The data below is to be written out exactly, with no pictures.

[Source data]
++++++

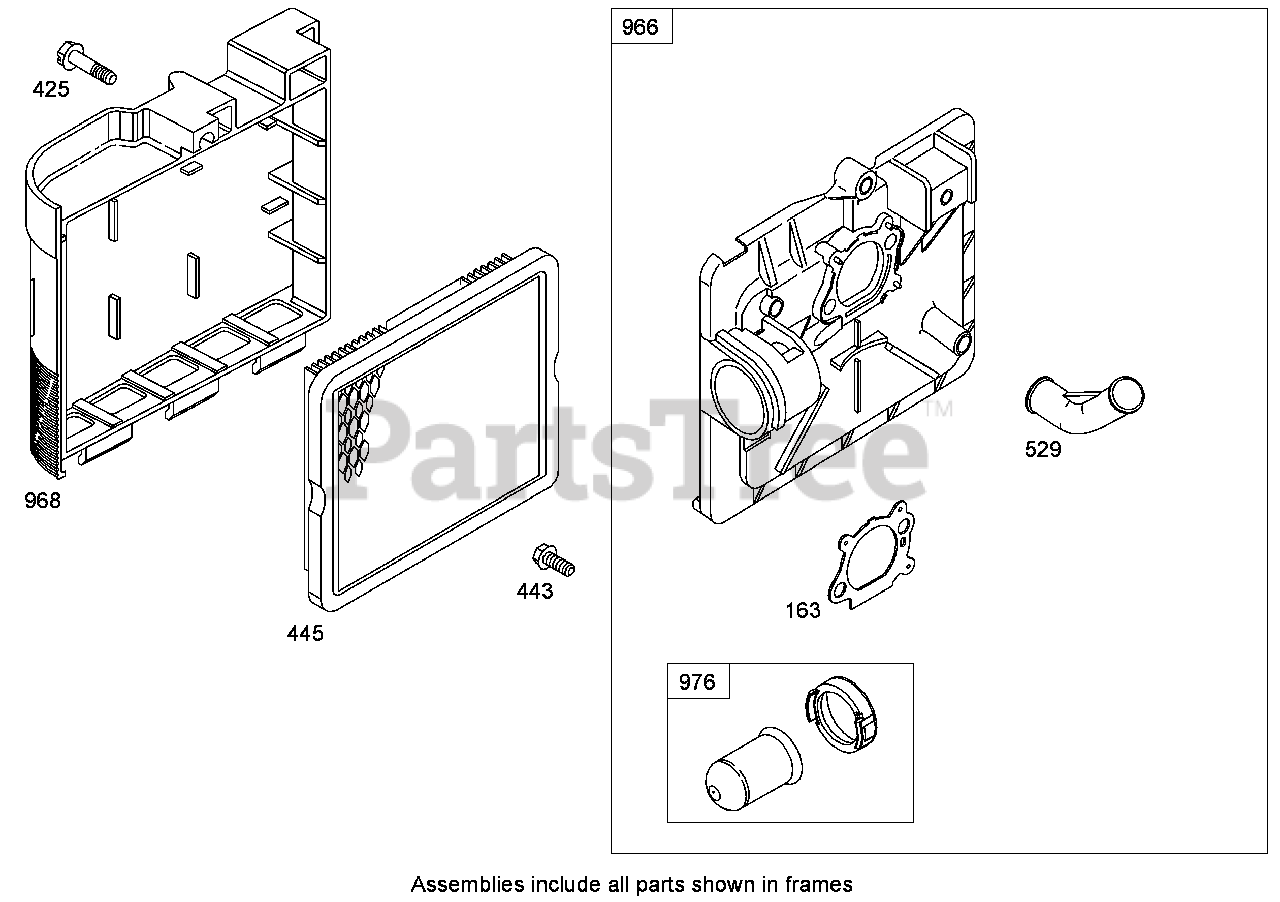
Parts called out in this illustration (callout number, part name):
163	Gasket-Cleaner, Air
425	Screw (Air Cleaner Cover)
443	Screw (Air Cleaner Primer Base)
445	Filter-Cartridge, Air Cleaner
529	Grommet
966	Base-Primer, Air Cleaner
968	Cover-Cleaner, Air
976	Primer-Carburetor
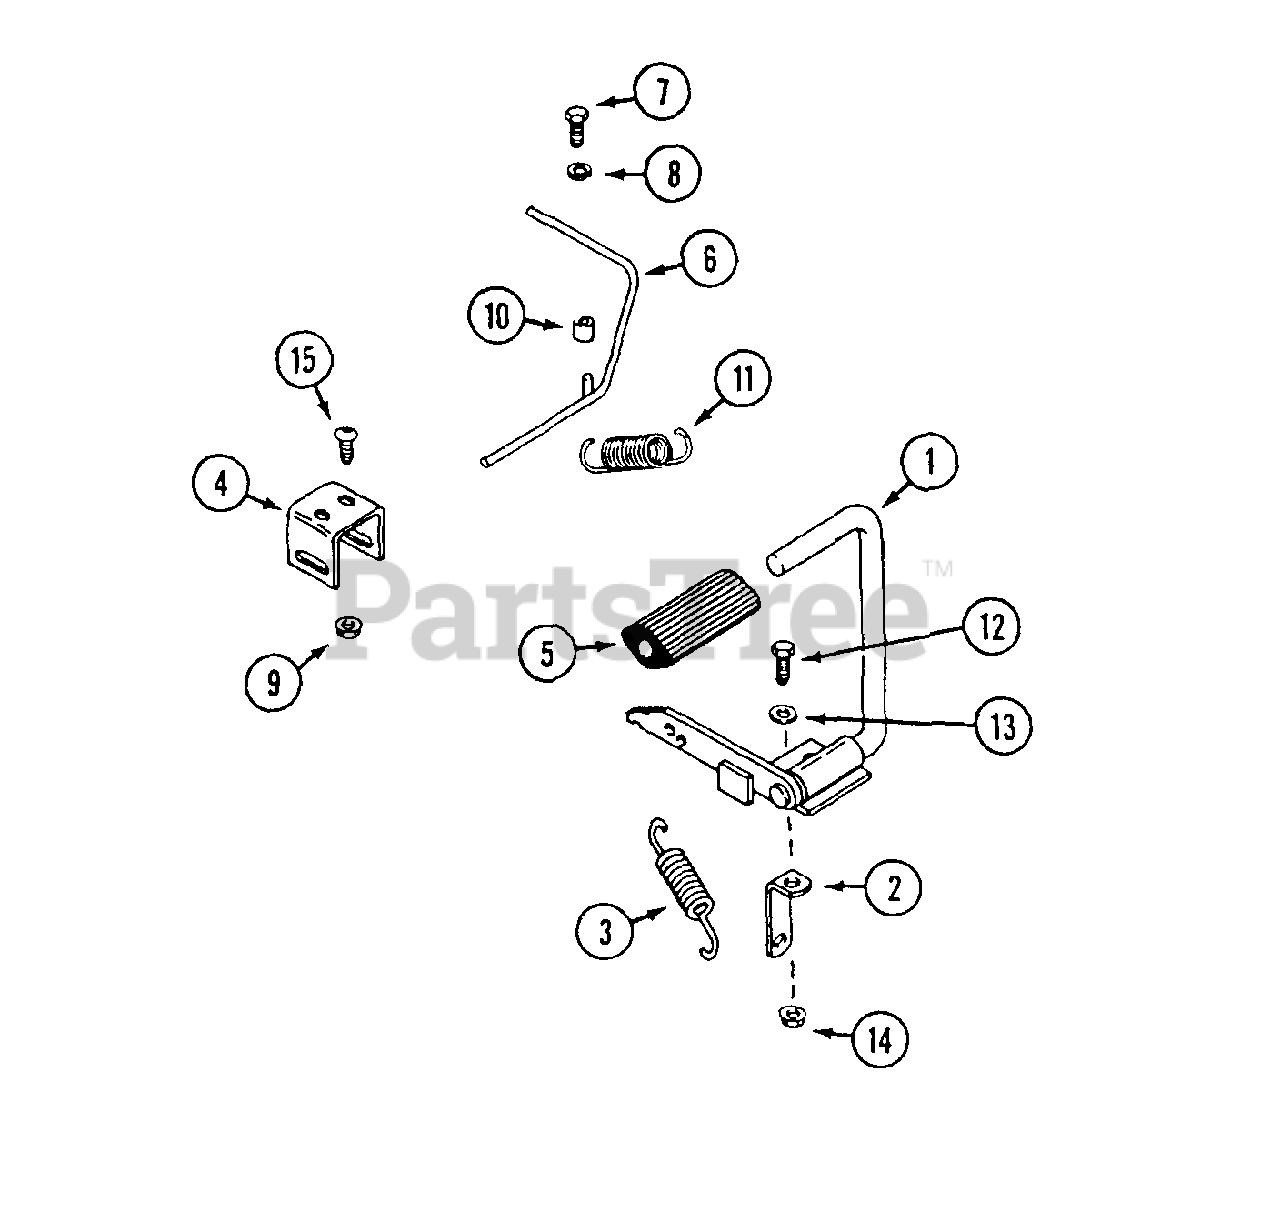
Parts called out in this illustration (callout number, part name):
1	PEDAL - parking brake
2	TAB - spring mount
3	SPRING - brake return
4	BRACKET - brack lock
5	PAD - brake pedal
6	LEVER - brake lock
7	SCREW - 5/16" - 18 x 5/8" allen head
8	LOCKWASHER - 5/16"
9	NUT - 1/4" - 20 flange lock
11	SPRING - return, lock lever
12	BOLT - 5/16" - 18 x 1"
13	WASHER - 5/16"
14	NUT - 5/16" - 18 flange lock
15	SCREW - 1/4" - 20 x 1/2" allen head
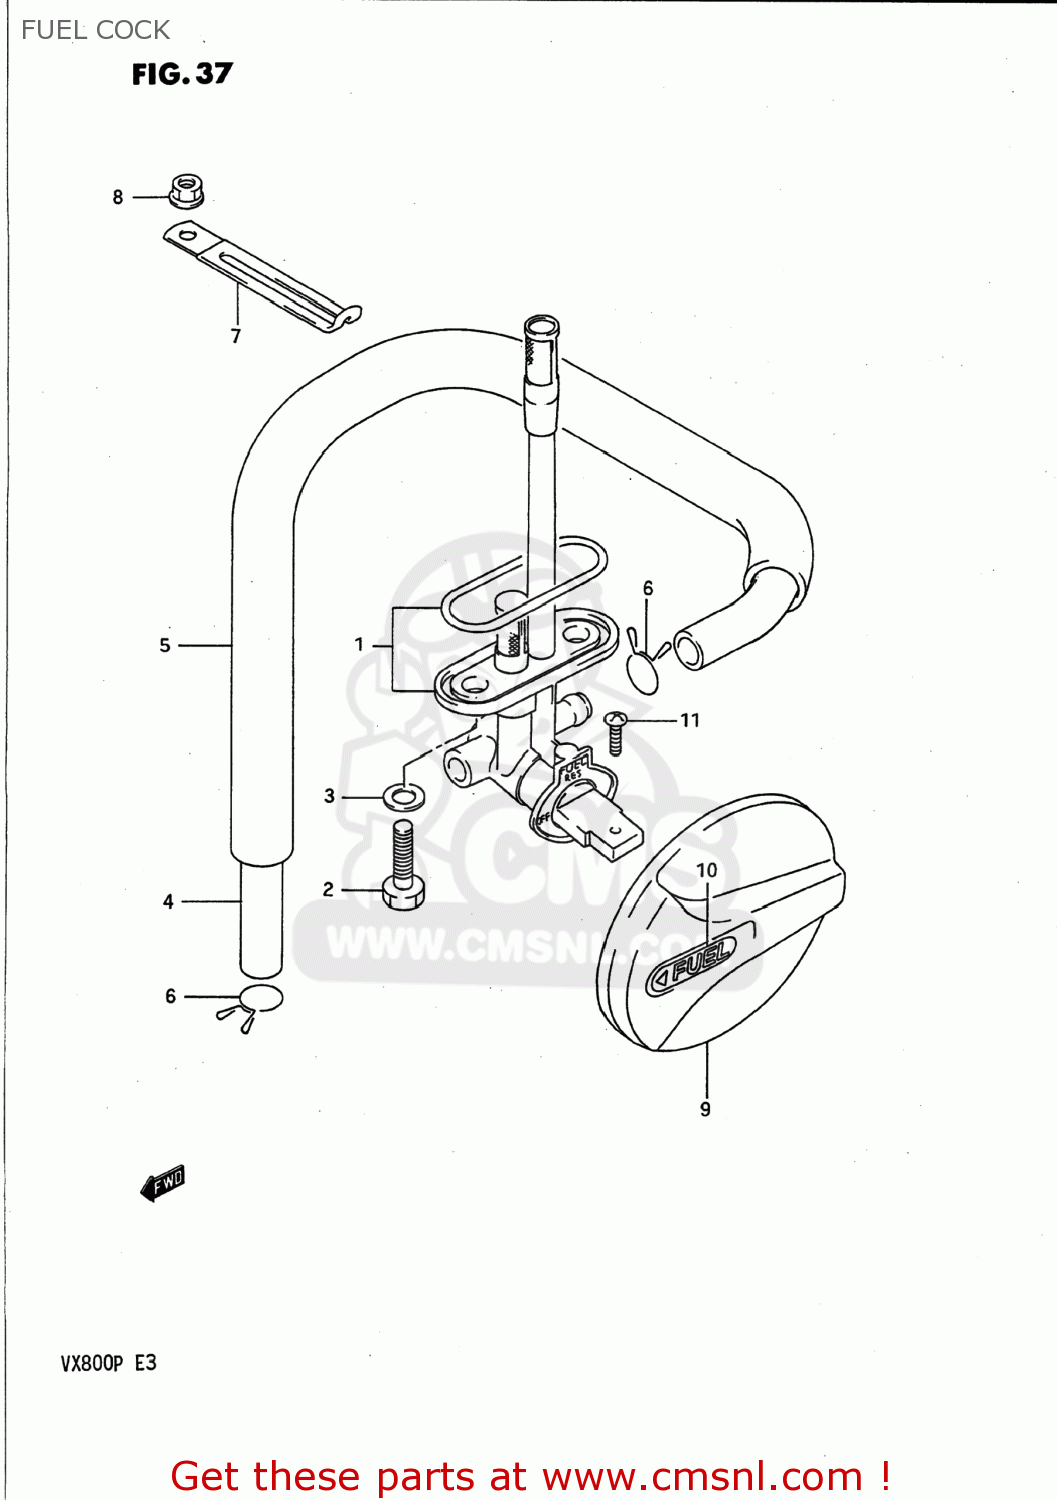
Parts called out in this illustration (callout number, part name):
1	COCK SET,FUEL
2	BOLT(6X20)
3	GASKET(6.4X11.5X0.8) (NAS)
4	HOSE(7X11X600)
5	PROTECTOR,FUEL HOSE
6	CLIP
7	CLAMP
8	NUT
9	LEVER,FUEL COCK
10	LABEL,FUEL COCK LEVER
11	SCREW
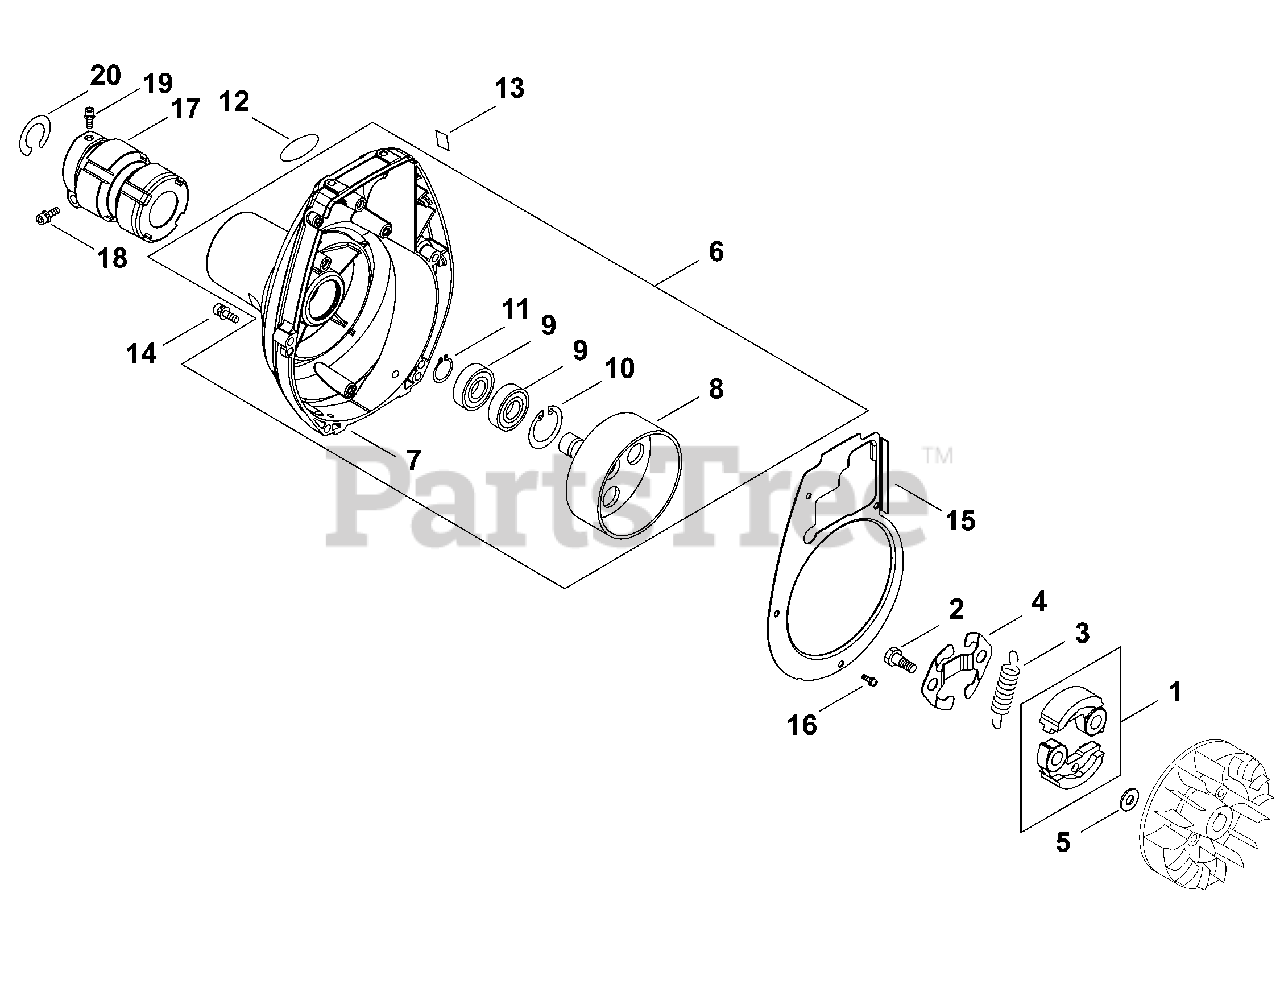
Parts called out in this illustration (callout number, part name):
1	SHOE, CLUTCH
2	BOLT, CLUTCH
3	SPRING, CLUTCH
4	SPRING, FLAT
5	WASHER 8.2×17×1.6
6	COVER ASSY, FAN
7	COVER, FAN
8	DRUM, CLUTCH
9	BEARING, BALL 6001
10	RING, SNAP 28
11	RING, RETAINING - 12
12	LABEL - MODEL B460
13	LABEL, CAUTION - HOT
14	BOLT 5×25
15	SHIELD, FAN
16	SCREW 4×10
17	CUSHION
18	BOLT 5×28
19	BOLT 5×12
20	RING, RETAINING Ø45
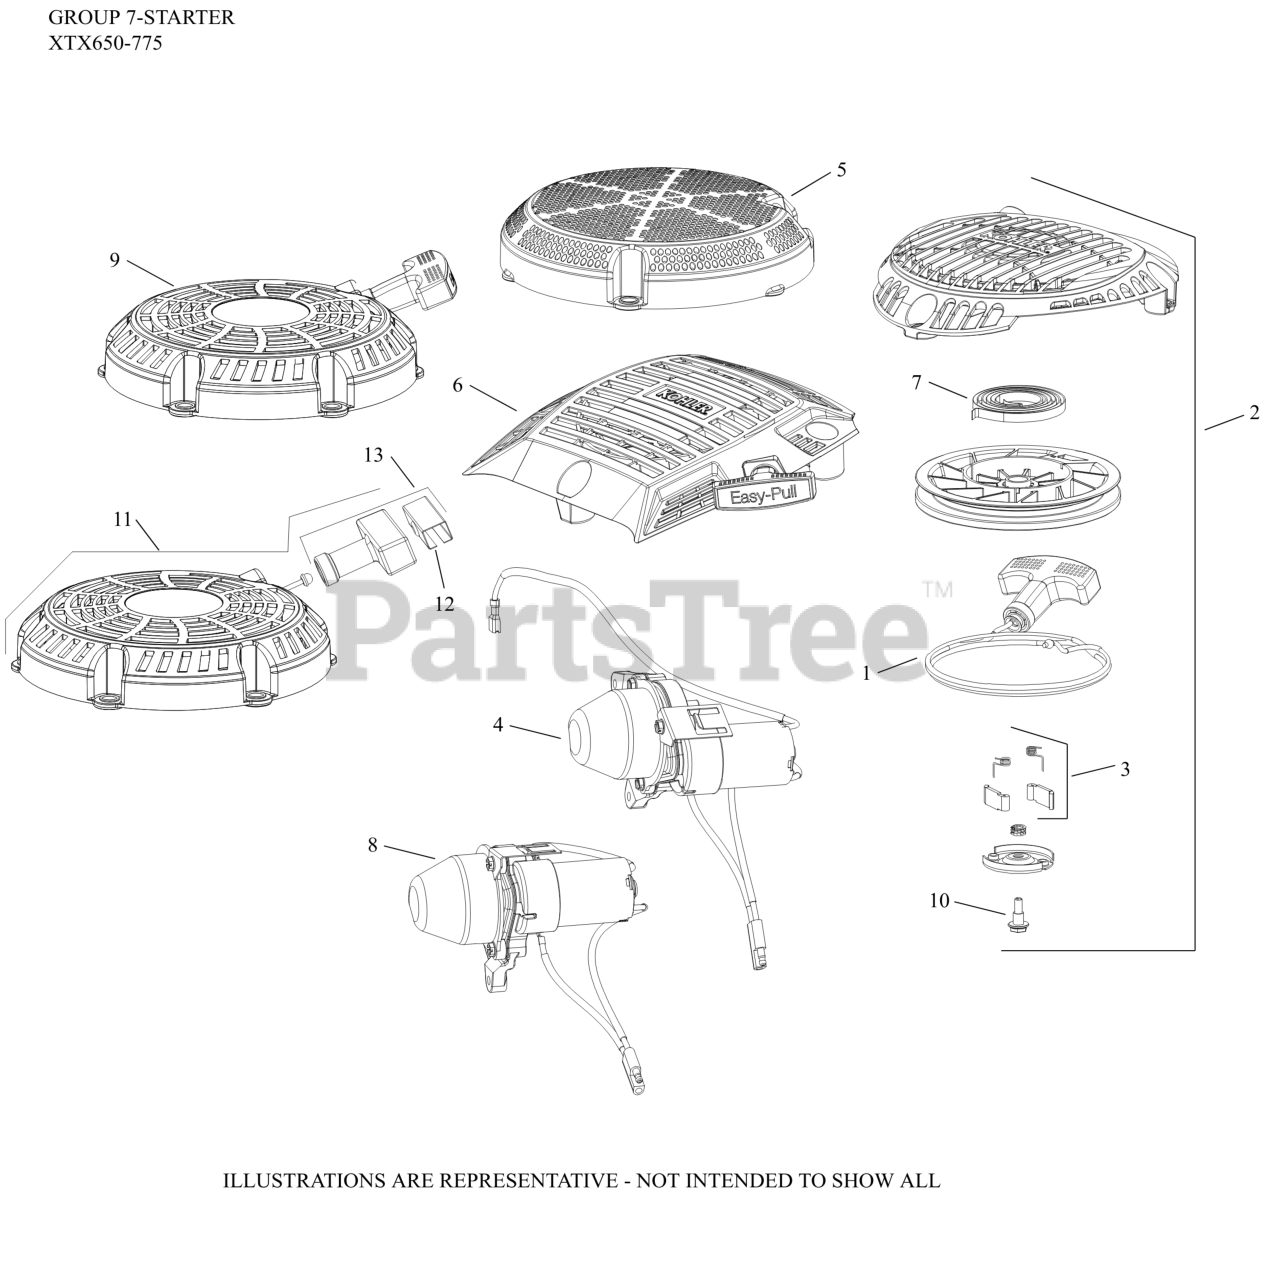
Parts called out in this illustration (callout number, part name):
1	KIT, STARTER ROPE W/HANDLE
2	STARTER ASSEMBLY, RETRACTABLE
3	KIT, PAWL REPAIR
5	INSERT, DEBRIS SCREEN
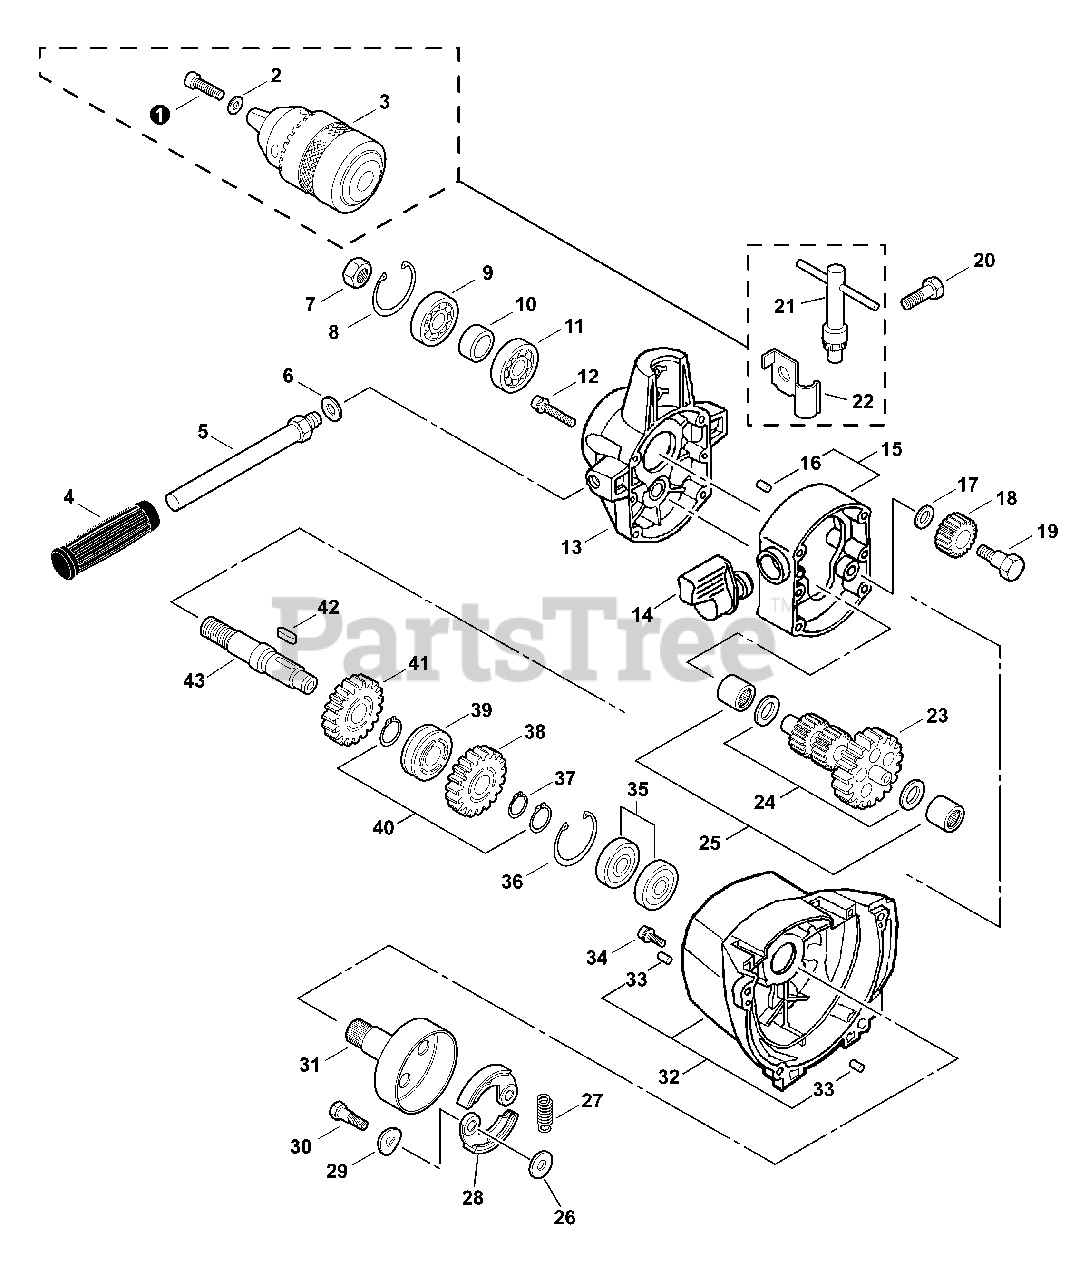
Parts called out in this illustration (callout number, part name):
1	SCREW - 6×20
2	WASHER - 6
3	CHUCK - KEYED
4	GRIP, HANDLE
5	HANDLE - LEFT
6	WASHER - 10
7	NUT - 12
8	RING, RETAINING - 32
9	BEARING, BALL - 6002
11	BEARING, BALL - 6002
12	SCREW - 5×55
13	CASE, GEAR
14	LEVER, CLUTCH
15	GEAR CASE ASY
16	PIN, LOCATING
18	GEAR, SPUR
19	BOLT, SHAFT
20	BOLT - 10×15
21	KEY, CHUCK
22	CLAMP, CHUCK KEY
23	GEAR ASY
25	BEARING, NEEDLE
26	WASHER - 6
27	SPRING, CLUTCH
28	SHOE, CLUTCH
29	WASHER - SPRING
30	BOLT, SHAFT
31	DRUM, CLUTCH
32	FAN CASE ASY
33	PIN, LOCATING
34	SCREW - 5×18
35	BEARING, BALL - 6002D
36	RING, RETAINING - 32
37	RING, RETAINING - 12
38	GEAR, SPUR
39	CAM, CLUTCH ADJUSTER
40	RING, RETAINING - 15
41	GEAR, SPUR
42	KEY - 4×16
43	SHAFT, GEAR

++++++

> _RESULT OF THE TASK_:
Parts called out in this illustration (callout number, part name):
163	Gasket-Cleaner, Air
425	Screw (Air Cleaner Cover)
443	Screw (Air Cleaner Primer Base)
445	Filter-Cartridge, Air Cleaner
529	Grommet
966	Base-Primer, Air Cleaner
968	Cover-Cleaner, Air
976	Primer-Carburetor
Parts called out in this illustration (callout number, part name):
1	PEDAL - parking brake
2	TAB - spring mount
3	SPRING - brake return
4	BRACKET - brack lock
5	PAD - brake pedal
6	LEVER - brake lock
7	SCREW - 5/16" - 18 x 5/8" allen head
8	LOCKWASHER - 5/16"
9	NUT - 1/4" - 20 flange lock
11	SPRING - return, lock lever
12	BOLT - 5/16" - 18 x 1"
13	WASHER - 5/16"
14	NUT - 5/16" - 18 flange lock
15	SCREW - 1/4" - 20 x 1/2" allen head
Parts called out in this illustration (callout number, part name):
1	COCK SET,FUEL
2	BOLT(6X20)
3	GASKET(6.4X11.5X0.8) (NAS)
4	HOSE(7X11X600)
5	PROTECTOR,FUEL HOSE
6	CLIP
7	CLAMP
8	NUT
9	LEVER,FUEL COCK
10	LABEL,FUEL COCK LEVER
11	SCREW
Parts called out in this illustration (callout number, part name):
1	SHOE, CLUTCH
2	BOLT, CLUTCH
3	SPRING, CLUTCH
4	SPRING, FLAT
5	WASHER 8.2×17×1.6
6	COVER ASSY, FAN
7	COVER, FAN
8	DRUM, CLUTCH
9	BEARING, BALL 6001
10	RING, SNAP 28
11	RING, RETAINING - 12
12	LABEL - MODEL B460
13	LABEL, CAUTION - HOT
14	BOLT 5×25
15	SHIELD, FAN
16	SCREW 4×10
17	CUSHION
18	BOLT 5×28
19	BOLT 5×12
20	RING, RETAINING Ø45
Parts called out in this illustration (callout number, part name):
1	KIT, STARTER ROPE W/HANDLE
2	STARTER ASSEMBLY, RETRACTABLE
3	KIT, PAWL REPAIR
5	INSERT, DEBRIS SCREEN
Parts called out in this illustration (callout number, part name):
1	SCREW - 6×20
2	WASHER - 6
3	CHUCK - KEYED
4	GRIP, HANDLE
5	HANDLE - LEFT
6	WASHER - 10
7	NUT - 12
8	RING, RETAINING - 32
9	BEARING, BALL - 6002
11	BEARING, BALL - 6002
12	SCREW - 5×55
13	CASE, GEAR
14	LEVER, CLUTCH
15	GEAR CASE ASY
16	PIN, LOCATING
18	GEAR, SPUR
19	BOLT, SHAFT
20	BOLT - 10×15
21	KEY, CHUCK
22	CLAMP, CHUCK KEY
23	GEAR ASY
25	BEARING, NEEDLE
26	WASHER - 6
27	SPRING, CLUTCH
28	SHOE, CLUTCH
29	WASHER - SPRING
30	BOLT, SHAFT
31	DRUM, CLUTCH
32	FAN CASE ASY
33	PIN, LOCATING
34	SCREW - 5×18
35	BEARING, BALL - 6002D
36	RING, RETAINING - 32
37	RING, RETAINING - 12
38	GEAR, SPUR
39	CAM, CLUTCH ADJUSTER
40	RING, RETAINING - 15
41	GEAR, SPUR
42	KEY - 4×16
43	SHAFT, GEAR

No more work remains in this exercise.